_Exercise goal:_ Every line below that mentions the word "outline" should be copied out.

==*==

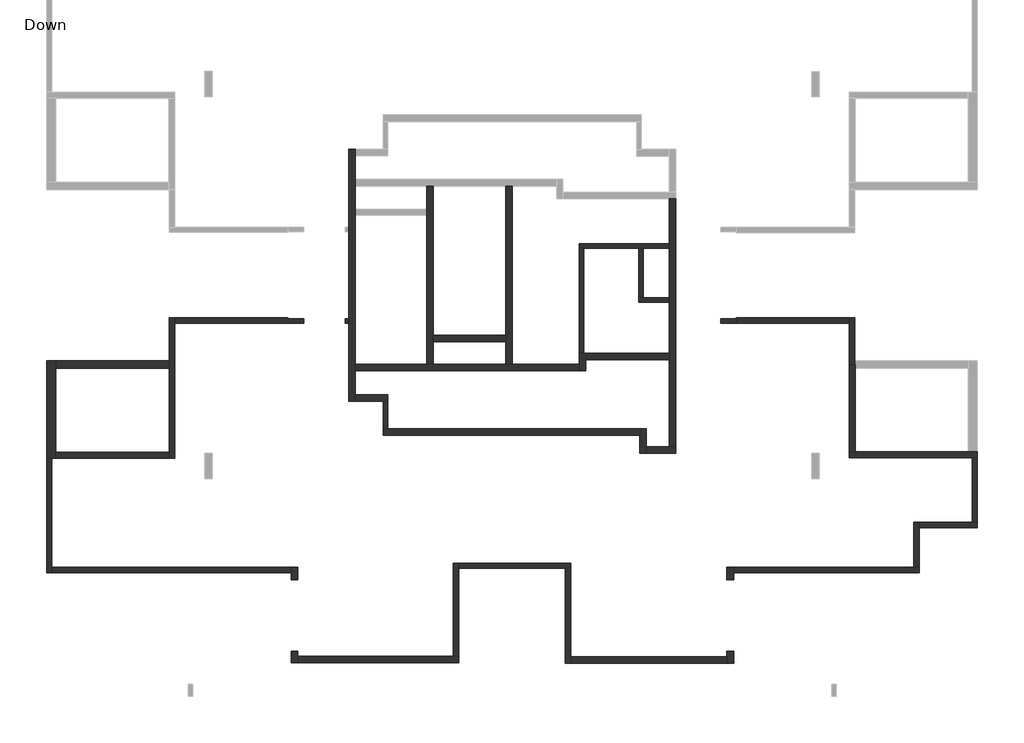
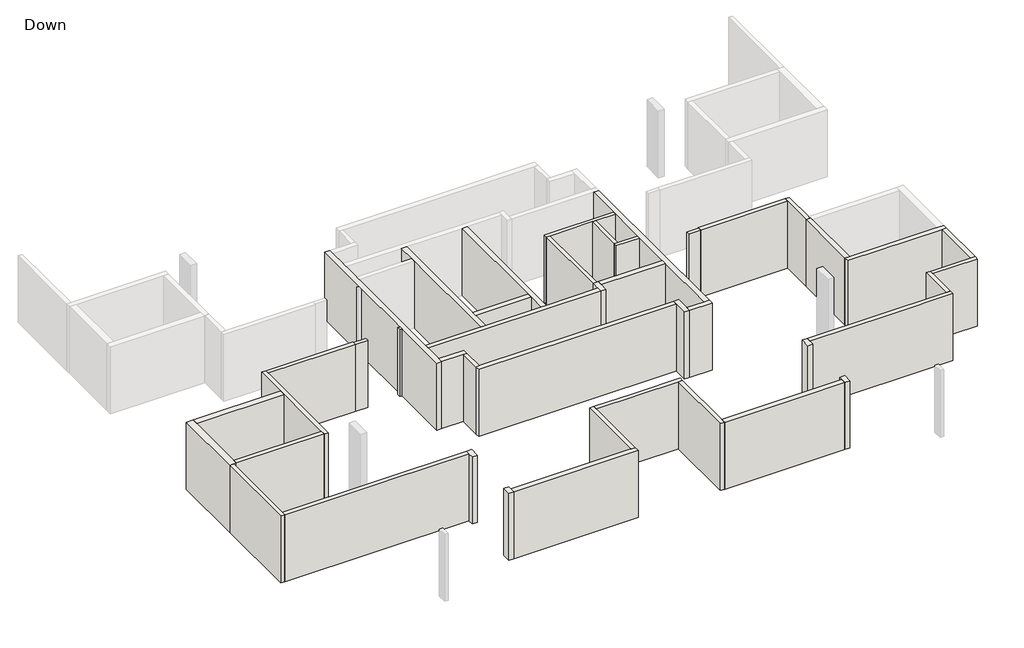
# One storey, part 1 of 2: 44 walls.
"""IFC4 building model written with IfcOpenShell, lengths in millimetres."""

from ifc_helpers import new_model, si_unit, origin, origin_with_axes, place, context, project, spatial, polyline, outline, extrude, faceted_brep, element, save

model = new_model("IFC4")

# Units and contexts
model_context = context("Model", 3, world=origin())
ifc_project = project(units=[si_unit("LENGTHUNIT", "METRE", prefix="MILLI")], contexts=[model_context])

# Site, building, storey
site = spatial("IfcSite", under=ifc_project)
building = spatial("IfcBuilding", under=site)
storey = spatial("IfcBuildingStorey", under=building, Name="Down", Elevation=0.0)

# Walls
placement = place(None, origin())
element("IfcWall", 1, ObjectType="15", at=placement, inside=storey, context=model_context, shape_type="Brep", body=[
    faceted_brep([(3307.48852, -2656.5516458, 0.0), (3822.84243, -2656.5516458, 0.0), (3822.84243, -2656.5516458, 3070.0), (3307.48852, -2656.5516458, 3070.0), (3307.48852, -2506.5516458, 0.0), (3307.48852, -2506.5516458, 3070.0), (3822.84243, -2506.5516458, 3070.0), (3822.84243, -2506.5516458, 2920.0), (3822.84243, -2506.5516458, 0.0), (3822.84243, -2656.2878227, 0.0), (3822.84243, -2656.2878227, 3070.0)], [[[0, 1, 2, 3]], [[4, 5, 6, 7, 8]], [[1, 0, 4, 8, 9]], [[2, 1, 9, 8, 7, 6, 10]], [[3, 2, 10, 6, 5]], [[0, 3, 5, 4]]]),
])
element("IfcWall", 2, ObjectType="15", at=placement, inside=storey, context=model_context, shape_type="Brep", body=[
    faceted_brep([(-11137.3486135, -2656.5516458, 0.0), (-10610.0280472, -2656.5516458, 0.0), (-10610.0280472, -2656.5516458, 2870.0), (-10610.0280472, -2656.5516458, 3070.0), (-11137.3486135, -2656.5516458, 3070.0), (-11137.3486135, -2656.5516458, 2870.0), (-11137.3486135, -2506.5516458, 0.0), (-11137.3486135, -2506.5516458, 2920.0), (-11137.3486135, -2506.5516458, 3070.0), (-10610.0280472, -2506.5516458, 3070.0), (-10610.0280472, -2506.5516458, 0.0), (-11137.3486135, -2656.2878227, 0.0), (-10610.0280472, -2655.7878227, 3070.0), (-11137.3486135, -2656.2878227, 3070.0)], [[[0, 1, 2, 3, 4, 5]], [[6, 7, 8, 9, 10]], [[1, 0, 11, 6, 10]], [[3, 2, 1, 10, 9, 12]], [[4, 3, 12, 9, 8, 13]], [[0, 5, 4, 13, 8, 7, 6, 11]]]),
])
element("IfcWall", 3, ObjectType="15", at=placement, inside=storey, context=model_context, shape_type="Brep", body=[
    faceted_brep([(-1415.2062248, -154.9895964, 0.0), (-1265.2062248, -154.9895964, 0.0), (579.9772808, -154.9895964, 0.0), (729.9772808, -154.9895964, 0.0), (1589.3005209, -154.9895964, 0.0), (1589.3005209, -154.9895964, 3070.0), (729.9772808, -154.9895964, 3070.0), (579.9772808, -154.9895964, 3070.0), (-1265.2062248, -154.9895964, 3070.0), (-1415.2062248, -154.9895964, 3070.0), (-1415.2062248, -4.9895964, 0.0), (-1415.2062248, -4.9895964, 2870.0), (-1415.2062248, -4.9895964, 3070.0), (1589.3005209, -4.9895964, 3070.0), (1589.3005209, -4.9895964, 2870.0), (1589.3005209, -4.9895964, 0.0)], [[[0, 1, 2, 3, 4, 5, 6, 7, 8, 9]], [[10, 11, 12, 13, 14, 15]], [[4, 3, 2, 1, 0, 10, 15]], [[9, 8, 7, 6, 5, 13, 12]], [[5, 4, 15, 14, 13]], [[0, 9, 12, 11, 10]]]),
])
element("IfcWall", 4, ObjectType="15", at=placement, inside=storey, context=model_context, shape_type="Brep", body=[
    faceted_brep([(1589.3005209, -1810.18983, 0.0), (729.9772808, -1810.18983, 0.0), (579.9772808, -1810.18983, 0.0), (579.9772808, -1810.18983, 3070.0), (729.9772808, -1810.18983, 3070.0), (1589.3005209, -1810.18983, 3070.0), (1589.3005209, -1960.18983, 0.0), (1589.3005209, -1960.18983, 3070.0), (579.9772808, -1960.18983, 3070.0), (579.9772808, -1960.18983, 0.0)], [[[0, 1, 2, 3, 4, 5]], [[6, 7, 8, 9]], [[2, 1, 0, 6, 9]], [[5, 4, 3, 8, 7]], [[0, 5, 7, 6]], [[3, 2, 9, 8]]]),
])
element("IfcWall", 5, ObjectType="15", at=placement, inside=storey, context=model_context, shape_type="SweptSolid", body=[
    extrude(outline(polyline([(579.9772808, -1810.18983), (579.9772808, -154.9895964), (729.9772808, -154.9895964), (729.9772808, -1810.18983), (579.9772808, -1810.18983)])), origin_with_axes(), (0.0, 0.0, 1.0), 3070.0),
])
element("IfcWall", 6, ObjectType="15", at=placement, inside=storey, context=model_context, shape_type="SweptSolid", body=[
    extrude(outline(polyline([(-1415.2062248, -3664.0679171), (-1415.2062248, -154.9895964), (-1265.2062248, -154.9895964), (-1265.2062248, -3664.0679171), (-1415.2062248, -3664.0679171)])), origin_with_axes(), (0.0, 0.0, 1.0), 3070.0),
])
element("IfcWall", 7, ObjectType="15", at=placement, inside=storey, context=model_context, shape_type="Brep", body=[
    faceted_brep([(-7960.7109614, -5263.3286489, 0.0), (-7960.7109614, -6190.6239212, 0.0), (-7960.7109614, -6190.6239212, 3070.0), (-7960.7109614, -5263.3286489, 3070.0), (-7960.7109614, -5263.3286489, 2870.0), (-7810.7109614, -5263.3286489, 0.0), (-7810.7109614, -5263.3286489, 3070.0), (-7810.7109614, -6190.6239212, 3070.0), (-7810.7109614, -6190.6239212, 2870.0), (-7810.7109614, -6190.6239212, 0.0)], [[[0, 1, 2, 3, 4]], [[5, 6, 7, 8, 9]], [[1, 0, 5, 9]], [[3, 2, 7, 6]], [[0, 4, 3, 6, 5]], [[2, 1, 9, 8, 7]]]),
])
element("IfcWall", 8, ObjectType="15", at=placement, inside=storey, context=model_context, shape_type="Brep", body=[
    faceted_brep([(-9219.5481077, -2656.5516458, 0.0), (-9111.0923752, -2656.5516458, 0.0), (-9111.0923752, -2656.5516458, 2870.0), (-9111.0923752, -2656.5516458, 3070.0), (-9219.5481077, -2656.5516458, 3070.0), (-9219.5481077, -2656.5516458, 2870.0), (-9219.5481077, -2506.5516458, 0.0), (-9219.5481077, -2506.5516458, 3070.0), (-9111.0923752, -2506.5516458, 3070.0), (-9111.0923752, -2506.5516458, 2920.0), (-9111.0923752, -2506.5516458, 0.0), (-9219.5481077, -2655.7878227, 3070.0)], [[[0, 1, 2, 3, 4, 5]], [[6, 7, 8, 9, 10]], [[1, 0, 6, 10]], [[4, 3, 8, 7, 11]], [[0, 5, 4, 11, 7, 6]], [[3, 2, 1, 10, 9, 8]]]),
])
element("IfcWall", 9, ObjectType="18", at=placement, inside=storey, context=model_context, shape_type="Brep", body=[
    faceted_brep([(-15093.3730612, -2476.2878227, 0.0), (-15093.3730612, -3916.1341463, 0.0), (-15093.3730612, -4166.1341463, 0.0), (-15093.3730612, -6966.8226087, 0.0), (-15093.3730612, -7166.8226087, 0.0), (-15093.3730612, -7166.8226087, 3070.0), (-15093.3730612, -6966.8226087, 3070.0), (-15093.3730612, -4166.1341463, 3070.0), (-15093.3730612, -3916.1341463, 3070.0), (-15093.3730612, -2476.2878227, 3070.0), (-14913.3730612, -2476.2878227, 0.0), (-14913.3730612, -2476.2878227, 3070.0), (-14913.3730612, -2656.2878227, 3070.0), (-14913.3730612, -7166.8226087, 3070.0), (-14913.3730612, -7166.8226087, 2870.0), (-14913.3730612, -7166.8226087, 0.0), (-14913.3730612, -2656.2878227, 0.0)], [[[0, 1, 2, 3, 4, 5, 6, 7, 8, 9]], [[10, 11, 12, 13, 14, 15, 16]], [[4, 3, 2, 1, 0, 10, 16, 15]], [[9, 8, 7, 6, 5, 13, 12, 11]], [[5, 4, 15, 14, 13]], [[0, 9, 11, 10]]]),
])
element("IfcWall", 10, ObjectType="18", at=placement, inside=storey, context=model_context, shape_type="Brep", body=[
    faceted_brep([(-19192.7470995, -7166.8226087, 0.0), (-19192.7470995, -10993.4504981, 0.0), (-19192.7470995, -10993.4504981, 3070.0), (-19192.7470995, -7166.8226087, 3070.0), (-19012.7470995, -7166.8226087, 0.0), (-19012.7470995, -7166.8226087, 2870.0), (-19012.7470995, -7166.8226087, 3070.0), (-19012.7470995, -10813.4504981, 3070.0), (-19012.7470995, -10993.4504981, 3070.0), (-19012.7470995, -10993.4504981, 0.0), (-19012.7470995, -10813.4504981, 0.0)], [[[0, 1, 2, 3]], [[4, 5, 6, 7, 8, 9, 10]], [[1, 0, 4, 10, 9]], [[3, 2, 8, 7, 6]], [[0, 3, 6, 5, 4]], [[2, 1, 9, 8]]]),
])
element("IfcWall", 11, ObjectType="18", at=placement, inside=storey, context=model_context, shape_type="Brep", body=[
    faceted_brep([(-19012.7470995, -10993.4504981, 0.0), (-11029.6404044, -10993.4504981, 0.0), (-11029.6404044, -10993.4504981, 2870.0), (-11029.6404044, -10993.4504981, 3070.0), (-14463.9862657, -10993.4504981, 3070.0), (-19012.7470995, -10993.4504981, 3070.0), (-19012.7470995, -10813.4504981, 0.0), (-19012.7470995, -10813.4504981, 2870.0), (-19012.7470995, -10813.4504981, 3070.0), (-11029.6404044, -10813.4504981, 3070.0), (-11029.6404044, -10813.4504981, 0.0)], [[[0, 1, 2, 3, 4, 5]], [[6, 7, 8, 9, 10]], [[1, 0, 6, 10]], [[5, 4, 3, 9, 8]], [[0, 5, 8, 7, 6]], [[3, 2, 1, 10, 9]]]),
])
element("IfcWall", 12, ObjectType="18", at=placement, inside=storey, context=model_context, shape_type="Brep", body=[
    faceted_brep([(-5611.3302453, -10669.5773003, 0.0), (-5611.3302453, -13772.0681688, 0.0), (-5611.3302453, -13772.0681688, 2870.0), (-5611.3302453, -13772.0681688, 3070.0), (-5611.3302453, -10669.5773003, 3070.0), (-5611.3302453, -10669.5773003, 2870.0), (-5431.3302453, -10669.5773003, 0.0), (-5431.3302453, -10669.5773003, 3070.0), (-5431.3302453, -10849.5773003, 3070.0), (-5431.3302453, -13772.0681688, 3070.0), (-5431.3302453, -13772.0681688, 0.0), (-5431.3302453, -10849.5773003, 0.0)], [[[0, 1, 2, 3, 4, 5]], [[6, 7, 8, 9, 10, 11]], [[1, 0, 6, 11, 10]], [[4, 3, 9, 8, 7]], [[3, 2, 1, 10, 9]], [[0, 5, 4, 7, 6]]]),
])
element("IfcWall", 13, ObjectType="18", at=placement, inside=storey, context=model_context, shape_type="Brep", body=[
    faceted_brep([(-5431.3302453, -10849.5773003, 0.0), (-1871.2080852, -10849.5773003, 0.0), (-1691.2080852, -10849.5773003, 0.0), (-1691.2080852, -10849.5773003, 3070.0), (-1871.2080852, -10849.5773003, 3070.0), (-5431.3302453, -10849.5773003, 3070.0), (-5431.3302453, -10669.5773003, 0.0), (-5431.3302453, -10669.5773003, 3070.0), (-3748.3678079, -10669.5773003, 3070.0), (-3553.3678079, -10669.5773003, 3070.0), (-1691.2080852, -10669.5773003, 3070.0), (-1691.2080852, -10669.5773003, 2870.0), (-1691.2080852, -10669.5773003, 0.0)], [[[0, 1, 2, 3, 4, 5]], [[6, 7, 8, 9, 10, 11, 12]], [[2, 1, 0, 6, 12]], [[5, 4, 3, 10, 9, 8, 7]], [[0, 5, 7, 6]], [[3, 2, 12, 11, 10]]]),
])
element("IfcWall", 14, ObjectType="18", at=placement, inside=storey, context=model_context, shape_type="Brep", body=[
    faceted_brep([(-1871.2080852, -10849.5773003, 0.0), (-1871.2080852, -14009.5773003, 0.0), (-1871.2080852, -14009.5773003, 3070.0), (-1871.2080852, -10849.5773003, 3070.0), (-1691.2080852, -10849.5773003, 0.0), (-1691.2080852, -10849.5773003, 3070.0), (-1691.2080852, -13789.5773003, 3070.0), (-1691.2080852, -14009.5773003, 3070.0), (-1691.2080852, -14009.5773003, 0.0), (-1691.2080852, -13789.5773003, 0.0)], [[[0, 1, 2, 3]], [[4, 5, 6, 7, 8, 9]], [[1, 0, 4, 9, 8]], [[3, 2, 7, 6, 5]], [[0, 3, 5, 4]], [[2, 1, 8, 7]]]),
])
element("IfcWall", 15, ObjectType="18", at=placement, inside=storey, context=model_context, shape_type="Brep", body=[
    faceted_brep([(9937.2529005, -10813.4467583, 0.0), (9757.2529005, -10813.4467583, 0.0), (3739.0676082, -10813.4467583, 0.0), (3739.0676082, -10813.4467583, 3070.0), (9757.2529005, -10813.4467583, 3070.0), (9937.2529005, -10813.4467583, 3070.0), (9937.2529005, -10993.4467583, 0.0), (9937.2529005, -10993.4467583, 3070.0), (7161.4479352, -10993.4467583, 3070.0), (3739.0676082, -10993.4467583, 3070.0), (3739.0676082, -10993.4467583, 2870.0), (3739.0676082, -10993.4467583, 0.0)], [[[0, 1, 2, 3, 4, 5]], [[6, 7, 8, 9, 10, 11]], [[2, 1, 0, 6, 11]], [[5, 4, 3, 9, 8, 7]], [[0, 5, 7, 6]], [[3, 2, 11, 10, 9]]]),
])
element("IfcWall", 16, ObjectType="18", at=placement, inside=storey, context=model_context, shape_type="Brep", body=[
    faceted_brep([(9757.2529005, -9313.7627402, 0.0), (9757.2529005, -10813.4467583, 0.0), (9757.2529005, -10813.4467583, 2870.0), (9757.2529005, -10813.4467583, 3070.0), (9757.2529005, -9313.7627402, 3070.0), (9757.2529005, -9313.7627402, 2870.0), (9937.2529005, -9313.7627402, 0.0), (9937.2529005, -9313.7627402, 3070.0), (9937.2529005, -9493.7627402, 3070.0), (9937.2529005, -10813.4467583, 3070.0), (9937.2529005, -10813.4467583, 0.0), (9937.2529005, -9493.7627402, 0.0)], [[[0, 1, 2, 3, 4, 5]], [[6, 7, 8, 9, 10, 11]], [[1, 0, 6, 11, 10]], [[4, 3, 9, 8, 7]], [[3, 2, 1, 10, 9]], [[0, 5, 4, 7, 6]]]),
])
element("IfcWall", 17, ObjectType="18", at=placement, inside=storey, context=model_context, shape_type="Brep", body=[
    faceted_brep([(9937.2529005, -9493.7627402, 0.0), (11878.5007748, -9493.7627402, 0.0), (11878.5007748, -9493.7627402, 3070.0), (9937.2529005, -9493.7627402, 3070.0), (9937.2529005, -9313.7627402, 0.0), (9937.2529005, -9313.7627402, 3070.0), (11698.5007748, -9313.7627402, 3070.0), (11878.5007748, -9313.7627402, 3070.0), (11878.5007748, -9313.7627402, 0.0), (11698.5007748, -9313.7627402, 0.0)], [[[0, 1, 2, 3]], [[4, 5, 6, 7, 8, 9]], [[1, 0, 4, 9, 8]], [[3, 2, 7, 6, 5]], [[0, 3, 5, 4]], [[2, 1, 8, 7]]]),
])
element("IfcWall", 18, ObjectType="18", at=placement, inside=storey, context=model_context, shape_type="Brep", body=[
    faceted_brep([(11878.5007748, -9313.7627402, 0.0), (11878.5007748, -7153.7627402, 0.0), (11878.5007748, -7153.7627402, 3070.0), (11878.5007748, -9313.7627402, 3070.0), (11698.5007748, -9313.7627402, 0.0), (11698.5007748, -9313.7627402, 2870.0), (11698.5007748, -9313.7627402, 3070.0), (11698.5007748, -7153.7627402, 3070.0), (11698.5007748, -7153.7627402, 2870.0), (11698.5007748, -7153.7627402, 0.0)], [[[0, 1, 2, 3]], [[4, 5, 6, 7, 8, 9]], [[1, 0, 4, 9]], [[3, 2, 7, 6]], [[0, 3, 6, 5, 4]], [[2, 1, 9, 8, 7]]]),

==*==

_Response to the task:_
from ifc_helpers import new_model, si_unit, origin, origin_with_axes, place, context, project, spatial, polyline, outline, extrude, faceted_brep, element, save
    extrude(outline(polyline([(579.9772808, -1810.18983), (579.9772808, -154.9895964), (729.9772808, -154.9895964), (729.9772808, -1810.18983), (579.9772808, -1810.18983)])), origin_with_axes(), (0.0, 0.0, 1.0), 3070.0),
    extrude(outline(polyline([(-1415.2062248, -3664.0679171), (-1415.2062248, -154.9895964), (-1265.2062248, -154.9895964), (-1265.2062248, -3664.0679171), (-1415.2062248, -3664.0679171)])), origin_with_axes(), (0.0, 0.0, 1.0), 3070.0),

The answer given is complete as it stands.